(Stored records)
···
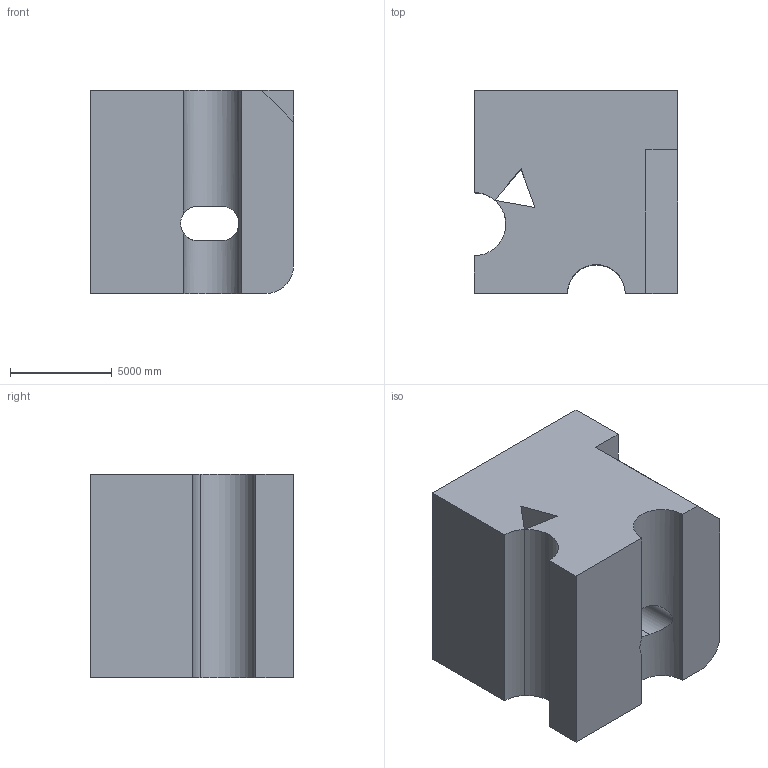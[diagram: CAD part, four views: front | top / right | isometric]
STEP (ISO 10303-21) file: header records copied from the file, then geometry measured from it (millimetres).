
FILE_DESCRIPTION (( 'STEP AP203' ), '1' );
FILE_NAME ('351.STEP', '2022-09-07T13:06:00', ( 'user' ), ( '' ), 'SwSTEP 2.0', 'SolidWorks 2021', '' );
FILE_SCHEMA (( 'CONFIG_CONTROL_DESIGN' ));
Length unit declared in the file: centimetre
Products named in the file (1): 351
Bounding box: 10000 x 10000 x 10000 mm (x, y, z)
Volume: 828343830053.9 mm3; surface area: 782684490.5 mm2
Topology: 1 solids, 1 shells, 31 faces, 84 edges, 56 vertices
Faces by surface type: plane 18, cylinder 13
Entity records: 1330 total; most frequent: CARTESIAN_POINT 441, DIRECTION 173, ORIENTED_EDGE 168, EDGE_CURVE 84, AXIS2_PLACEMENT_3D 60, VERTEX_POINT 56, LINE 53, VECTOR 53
···
# [WHAT THIS TASK INVOLVES]
Print each line, exactly as written, from the one that contains "STEP (ISO 10303-21)" to the end of the data above, with both end lines included and nothing else.

# [ANSWER BOX]
STEP (ISO 10303-21) file: header records copied from the file, then geometry measured from it (millimetres).
FILE_DESCRIPTION (( 'STEP AP203' ), '1' );
FILE_NAME ('351.STEP', '2022-09-07T13:06:00', ( 'user' ), ( '' ), 'SwSTEP 2.0', 'SolidWorks 2021', '' );
FILE_SCHEMA (( 'CONFIG_CONTROL_DESIGN' ));
Length unit declared in the file: centimetre
Products named in the file (1): 351
Bounding box: 10000 x 10000 x 10000 mm (x, y, z)
Volume: 828343830053.9 mm3; surface area: 782684490.5 mm2
Topology: 1 solids, 1 shells, 31 faces, 84 edges, 56 vertices
Faces by surface type: plane 18, cylinder 13
Entity records: 1330 total; most frequent: CARTESIAN_POINT 441, DIRECTION 173, ORIENTED_EDGE 168, EDGE_CURVE 84, AXIS2_PLACEMENT_3D 60, VERTEX_POINT 56, LINE 53, VECTOR 53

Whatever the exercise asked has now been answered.